Dr. Hufft’s evaluation of Claimant released her to work with a restriction that she not stand, sit, or walk for more than an hour and one half without changing positions. Dr. Hufft placed no restriction on the number of hours Claimant should work; therefore, the reasonable inference is that his opinion was that she was capable of working an eight-hour day.

Much is made of the wording of the conclusion of Dickey, the occupational therapist, reproduced above. However, as the ALJ observes, Dickey’s opinion does not address Claimant’s inability to tolerate an eight-hour day at any level other than light work. Viewed in the light most favorable to the award, we must accept the ALJ’s interpretation (affirmed by the Commission) of this testimony despite the arguable existence of an alternative interpretation. The reasonable inference is that Dickey does not say that Claimant cannot work an eight-hour day at the sedentary work level.

Two more experts, both vocational experts, support the conclusion that Claimant can work an eight-hour day. Lala concluded that Claimant could function in a number of light and sedentary positions, while Wright opined that Claimant could expect some occupational success and named several feasible positions. Based on this evidence and that mentioned in the preceding two paragraphs, Claimant’s insistence that the record lacked substantial and competent evidence that she could work an eight-hour day is unavailing. Consequently, Claimant’s contention that this record compels a finding that she is totally and permanently disabled fails under the standard established in Story, 875 S.W.2d at 233.

Given the opinions of Dr. Hufft and Dickey as to Claimant’s degree of impairment and Lala and Wright as to her potential for em-ployability based on their examination of reports concerning her physical condition, there is likewise substantial and competent evidence that an employer could reasonably be expected to hire Claimant despite her age, educational level, degree of physical impairment, and vocational aptitude. Lala ■ and Wright specifically reference these limitations in arriving at the conclusion that Claimant is employable and hence not totally disabled.

In this first step, having disregarded evidence unfavorable to the award, we cannot conclude that the award was without substantial and competent evidence to support it.

*913Therefore, we turn to the second step of our review, in which we consider opposing, unfavorable evidence in deciding whether the award is against the overwhelming weight of the evidence. In arguing that it was, Claimant asserts that “[a]l1 of the medical and expert evidence presented, with the exception of Mr. Lala’s opinion, concluded that [Claimant] was permanently total [sic] disabled and unable to compete in the open labor market.” As can be seen from our discussion in the first step of our review, this is simply not the case. Indeed, the evidence presented by Dr. Mohsen and Swearingin would support a finding that Claimant is totally and permanently disabled. However, the testimony and evidence to the contrary summarized in the first step of our review presented a credibility and weight of the evidence question to the ALJ. The ALJ found the Respondents’ evidence to be credible, as did two of the three Commission members. Given this consistency and the clear wealth of evidence supporting the award, we will not disturb the Commission’s award because we cannot say that it is against the overwhelming weight of the evidence.
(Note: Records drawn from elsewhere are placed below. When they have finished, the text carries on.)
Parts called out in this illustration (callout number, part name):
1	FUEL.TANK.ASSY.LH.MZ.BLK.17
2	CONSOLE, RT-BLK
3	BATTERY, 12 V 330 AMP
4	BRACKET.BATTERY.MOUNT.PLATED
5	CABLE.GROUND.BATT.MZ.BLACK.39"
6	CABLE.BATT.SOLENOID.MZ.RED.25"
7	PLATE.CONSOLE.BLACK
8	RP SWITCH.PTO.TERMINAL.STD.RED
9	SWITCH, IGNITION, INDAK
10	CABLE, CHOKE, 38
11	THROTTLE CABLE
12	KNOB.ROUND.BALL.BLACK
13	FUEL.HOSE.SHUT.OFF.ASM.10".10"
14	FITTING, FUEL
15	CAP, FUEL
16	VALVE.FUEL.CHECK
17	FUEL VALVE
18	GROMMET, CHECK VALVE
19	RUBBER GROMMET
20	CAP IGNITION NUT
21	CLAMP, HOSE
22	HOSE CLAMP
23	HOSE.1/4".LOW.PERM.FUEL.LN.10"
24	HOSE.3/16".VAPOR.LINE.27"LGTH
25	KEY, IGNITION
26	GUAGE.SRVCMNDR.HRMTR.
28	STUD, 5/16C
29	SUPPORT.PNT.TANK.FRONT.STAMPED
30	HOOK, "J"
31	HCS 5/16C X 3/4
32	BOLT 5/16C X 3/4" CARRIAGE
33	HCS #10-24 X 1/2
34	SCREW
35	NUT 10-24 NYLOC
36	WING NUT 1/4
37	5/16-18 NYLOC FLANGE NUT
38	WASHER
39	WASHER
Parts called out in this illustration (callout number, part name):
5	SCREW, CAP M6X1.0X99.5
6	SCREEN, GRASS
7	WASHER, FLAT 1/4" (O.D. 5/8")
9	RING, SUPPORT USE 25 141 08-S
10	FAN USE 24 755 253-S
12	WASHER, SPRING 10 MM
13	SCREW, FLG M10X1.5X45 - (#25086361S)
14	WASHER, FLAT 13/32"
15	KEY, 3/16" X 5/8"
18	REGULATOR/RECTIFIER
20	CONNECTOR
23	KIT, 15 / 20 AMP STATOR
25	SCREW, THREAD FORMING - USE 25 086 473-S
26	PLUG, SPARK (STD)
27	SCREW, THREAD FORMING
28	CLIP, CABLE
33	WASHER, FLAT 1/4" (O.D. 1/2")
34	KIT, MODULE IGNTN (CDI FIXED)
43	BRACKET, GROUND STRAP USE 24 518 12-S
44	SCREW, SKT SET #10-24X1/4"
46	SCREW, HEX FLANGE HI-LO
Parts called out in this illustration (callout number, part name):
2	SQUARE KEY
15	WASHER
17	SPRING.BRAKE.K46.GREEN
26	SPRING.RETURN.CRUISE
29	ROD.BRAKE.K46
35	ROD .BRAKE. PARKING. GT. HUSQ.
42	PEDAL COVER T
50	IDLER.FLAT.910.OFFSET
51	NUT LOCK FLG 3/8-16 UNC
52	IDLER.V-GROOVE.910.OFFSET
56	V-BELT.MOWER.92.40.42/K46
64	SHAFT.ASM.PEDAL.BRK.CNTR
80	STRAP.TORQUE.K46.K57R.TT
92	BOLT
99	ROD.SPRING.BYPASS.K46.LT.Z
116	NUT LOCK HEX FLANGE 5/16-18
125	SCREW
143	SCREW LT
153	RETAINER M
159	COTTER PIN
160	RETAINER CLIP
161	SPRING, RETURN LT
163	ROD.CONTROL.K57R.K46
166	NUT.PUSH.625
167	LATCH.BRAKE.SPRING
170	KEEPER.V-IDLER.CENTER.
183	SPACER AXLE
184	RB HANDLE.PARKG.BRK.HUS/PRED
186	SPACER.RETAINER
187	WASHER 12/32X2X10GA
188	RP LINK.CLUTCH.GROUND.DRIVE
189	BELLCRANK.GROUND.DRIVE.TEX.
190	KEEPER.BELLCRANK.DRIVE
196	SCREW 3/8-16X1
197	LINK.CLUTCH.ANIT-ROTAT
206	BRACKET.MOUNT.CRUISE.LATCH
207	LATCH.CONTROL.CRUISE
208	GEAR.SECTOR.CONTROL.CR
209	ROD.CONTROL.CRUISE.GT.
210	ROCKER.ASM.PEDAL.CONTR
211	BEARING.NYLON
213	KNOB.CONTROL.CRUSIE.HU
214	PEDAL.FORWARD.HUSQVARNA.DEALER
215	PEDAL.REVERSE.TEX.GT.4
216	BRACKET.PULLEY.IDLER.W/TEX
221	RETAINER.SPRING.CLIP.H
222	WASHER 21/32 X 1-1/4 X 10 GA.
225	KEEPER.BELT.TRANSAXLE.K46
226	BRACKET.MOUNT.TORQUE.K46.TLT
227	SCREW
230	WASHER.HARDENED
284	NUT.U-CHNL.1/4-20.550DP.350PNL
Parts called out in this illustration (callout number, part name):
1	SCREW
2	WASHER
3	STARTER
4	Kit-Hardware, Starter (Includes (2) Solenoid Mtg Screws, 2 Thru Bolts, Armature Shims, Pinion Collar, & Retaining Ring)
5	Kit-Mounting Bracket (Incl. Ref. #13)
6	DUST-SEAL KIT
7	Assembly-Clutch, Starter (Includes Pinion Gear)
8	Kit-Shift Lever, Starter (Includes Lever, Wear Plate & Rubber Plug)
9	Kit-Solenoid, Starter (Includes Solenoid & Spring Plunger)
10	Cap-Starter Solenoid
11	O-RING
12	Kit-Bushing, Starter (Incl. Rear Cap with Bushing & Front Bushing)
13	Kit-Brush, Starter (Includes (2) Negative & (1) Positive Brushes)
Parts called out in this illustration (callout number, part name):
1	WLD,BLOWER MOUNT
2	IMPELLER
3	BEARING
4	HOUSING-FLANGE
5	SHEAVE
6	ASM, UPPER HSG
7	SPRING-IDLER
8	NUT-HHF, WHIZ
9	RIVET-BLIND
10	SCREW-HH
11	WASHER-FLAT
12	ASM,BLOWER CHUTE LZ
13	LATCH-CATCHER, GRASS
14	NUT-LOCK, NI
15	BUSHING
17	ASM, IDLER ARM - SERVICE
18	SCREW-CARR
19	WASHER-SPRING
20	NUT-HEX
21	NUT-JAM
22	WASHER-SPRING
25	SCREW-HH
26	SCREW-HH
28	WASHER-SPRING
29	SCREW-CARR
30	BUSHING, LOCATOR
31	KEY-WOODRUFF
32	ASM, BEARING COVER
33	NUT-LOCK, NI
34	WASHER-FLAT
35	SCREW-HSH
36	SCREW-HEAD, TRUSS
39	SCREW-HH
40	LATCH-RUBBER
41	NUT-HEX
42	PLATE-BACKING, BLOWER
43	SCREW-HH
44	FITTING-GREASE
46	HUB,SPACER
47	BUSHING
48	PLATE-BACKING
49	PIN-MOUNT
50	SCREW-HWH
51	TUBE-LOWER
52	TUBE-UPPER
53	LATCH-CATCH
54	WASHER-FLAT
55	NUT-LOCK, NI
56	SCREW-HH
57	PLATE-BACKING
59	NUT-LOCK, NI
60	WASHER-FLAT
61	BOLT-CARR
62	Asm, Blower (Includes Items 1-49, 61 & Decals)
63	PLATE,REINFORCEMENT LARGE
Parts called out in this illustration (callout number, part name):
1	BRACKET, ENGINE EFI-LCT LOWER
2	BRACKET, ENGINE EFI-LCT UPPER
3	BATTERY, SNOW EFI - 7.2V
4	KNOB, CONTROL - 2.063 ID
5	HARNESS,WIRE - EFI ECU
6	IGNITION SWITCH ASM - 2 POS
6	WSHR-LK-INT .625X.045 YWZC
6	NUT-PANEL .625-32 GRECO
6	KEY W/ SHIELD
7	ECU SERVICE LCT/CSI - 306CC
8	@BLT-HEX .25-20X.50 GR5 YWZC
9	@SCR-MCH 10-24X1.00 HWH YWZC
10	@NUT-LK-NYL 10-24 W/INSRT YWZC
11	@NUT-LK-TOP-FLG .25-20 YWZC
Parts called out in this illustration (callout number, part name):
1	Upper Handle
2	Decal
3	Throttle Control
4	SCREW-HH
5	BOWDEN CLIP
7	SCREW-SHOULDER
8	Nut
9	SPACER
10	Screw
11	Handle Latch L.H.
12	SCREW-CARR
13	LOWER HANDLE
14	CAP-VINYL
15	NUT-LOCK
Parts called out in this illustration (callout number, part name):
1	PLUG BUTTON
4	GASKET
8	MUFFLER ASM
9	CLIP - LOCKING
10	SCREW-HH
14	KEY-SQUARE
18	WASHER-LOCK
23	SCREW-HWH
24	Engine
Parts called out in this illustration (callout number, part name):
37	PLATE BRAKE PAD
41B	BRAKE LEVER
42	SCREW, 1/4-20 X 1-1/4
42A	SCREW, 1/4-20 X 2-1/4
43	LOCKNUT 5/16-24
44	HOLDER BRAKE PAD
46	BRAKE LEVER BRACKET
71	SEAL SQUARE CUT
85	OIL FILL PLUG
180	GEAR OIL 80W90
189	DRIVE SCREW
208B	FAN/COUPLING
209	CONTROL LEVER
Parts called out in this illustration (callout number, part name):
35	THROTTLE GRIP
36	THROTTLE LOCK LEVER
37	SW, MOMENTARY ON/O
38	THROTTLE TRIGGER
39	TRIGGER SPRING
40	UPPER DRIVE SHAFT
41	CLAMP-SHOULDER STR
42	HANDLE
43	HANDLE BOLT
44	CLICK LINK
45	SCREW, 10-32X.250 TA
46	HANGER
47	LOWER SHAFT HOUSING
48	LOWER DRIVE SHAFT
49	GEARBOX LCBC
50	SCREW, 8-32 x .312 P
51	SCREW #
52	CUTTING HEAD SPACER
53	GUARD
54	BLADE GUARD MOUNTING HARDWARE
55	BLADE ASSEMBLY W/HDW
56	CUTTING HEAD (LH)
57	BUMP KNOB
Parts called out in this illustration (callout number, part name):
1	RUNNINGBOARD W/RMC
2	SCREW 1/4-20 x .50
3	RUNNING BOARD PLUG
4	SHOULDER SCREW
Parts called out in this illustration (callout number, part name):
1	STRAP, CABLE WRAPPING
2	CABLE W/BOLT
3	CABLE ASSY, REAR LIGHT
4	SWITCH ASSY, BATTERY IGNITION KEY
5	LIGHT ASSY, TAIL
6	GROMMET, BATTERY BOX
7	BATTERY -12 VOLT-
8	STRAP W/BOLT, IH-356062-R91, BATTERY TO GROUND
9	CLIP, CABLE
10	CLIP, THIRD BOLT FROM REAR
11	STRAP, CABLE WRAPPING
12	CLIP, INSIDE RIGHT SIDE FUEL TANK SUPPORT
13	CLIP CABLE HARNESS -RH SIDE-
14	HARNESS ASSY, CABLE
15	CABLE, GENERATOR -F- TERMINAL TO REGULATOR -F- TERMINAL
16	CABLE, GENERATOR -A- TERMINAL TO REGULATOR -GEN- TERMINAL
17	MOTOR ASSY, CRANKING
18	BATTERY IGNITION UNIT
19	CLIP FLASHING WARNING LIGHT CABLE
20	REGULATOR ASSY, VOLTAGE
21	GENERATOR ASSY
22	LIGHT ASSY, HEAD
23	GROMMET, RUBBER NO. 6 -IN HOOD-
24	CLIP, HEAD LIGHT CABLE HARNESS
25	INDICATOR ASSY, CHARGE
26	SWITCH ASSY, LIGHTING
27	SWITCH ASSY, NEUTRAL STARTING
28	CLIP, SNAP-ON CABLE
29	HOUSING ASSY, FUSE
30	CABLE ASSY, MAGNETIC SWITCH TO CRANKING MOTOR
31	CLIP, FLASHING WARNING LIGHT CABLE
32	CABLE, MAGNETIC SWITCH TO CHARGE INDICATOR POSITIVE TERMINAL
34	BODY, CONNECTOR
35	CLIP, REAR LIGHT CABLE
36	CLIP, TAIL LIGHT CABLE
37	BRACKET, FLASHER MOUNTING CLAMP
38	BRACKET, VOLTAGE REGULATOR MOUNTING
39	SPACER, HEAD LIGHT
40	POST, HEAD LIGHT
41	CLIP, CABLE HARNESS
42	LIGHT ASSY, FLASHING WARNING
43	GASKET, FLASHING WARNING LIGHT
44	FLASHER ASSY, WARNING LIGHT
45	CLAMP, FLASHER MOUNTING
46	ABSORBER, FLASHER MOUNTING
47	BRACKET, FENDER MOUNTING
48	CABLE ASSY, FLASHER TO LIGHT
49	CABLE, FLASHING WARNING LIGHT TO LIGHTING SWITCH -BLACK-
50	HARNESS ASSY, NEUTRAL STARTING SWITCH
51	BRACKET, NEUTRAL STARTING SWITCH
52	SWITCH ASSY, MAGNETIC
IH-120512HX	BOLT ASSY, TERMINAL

We affirm the Final Award Allowing Compensation.

MONTGOMERY, C.J., and PARRISH, J., concur.

. Claimant’s confusion over the proper standard of review is not entirely unjustified, given the variety of sources which state it. The key language she incorporates into her first point is derived from the statute, § 287.495, RSMo 1994. However, appellate courts have developed "certain well-established principles" from the statute and Mo. Const. art. V, § 18. See Pullum v. Hudson Foods, Inc., 871 S.W.2d 94, 96 (Mo.App. 1994). Appellate courts have molded these principles into the two-step standard of review we state below.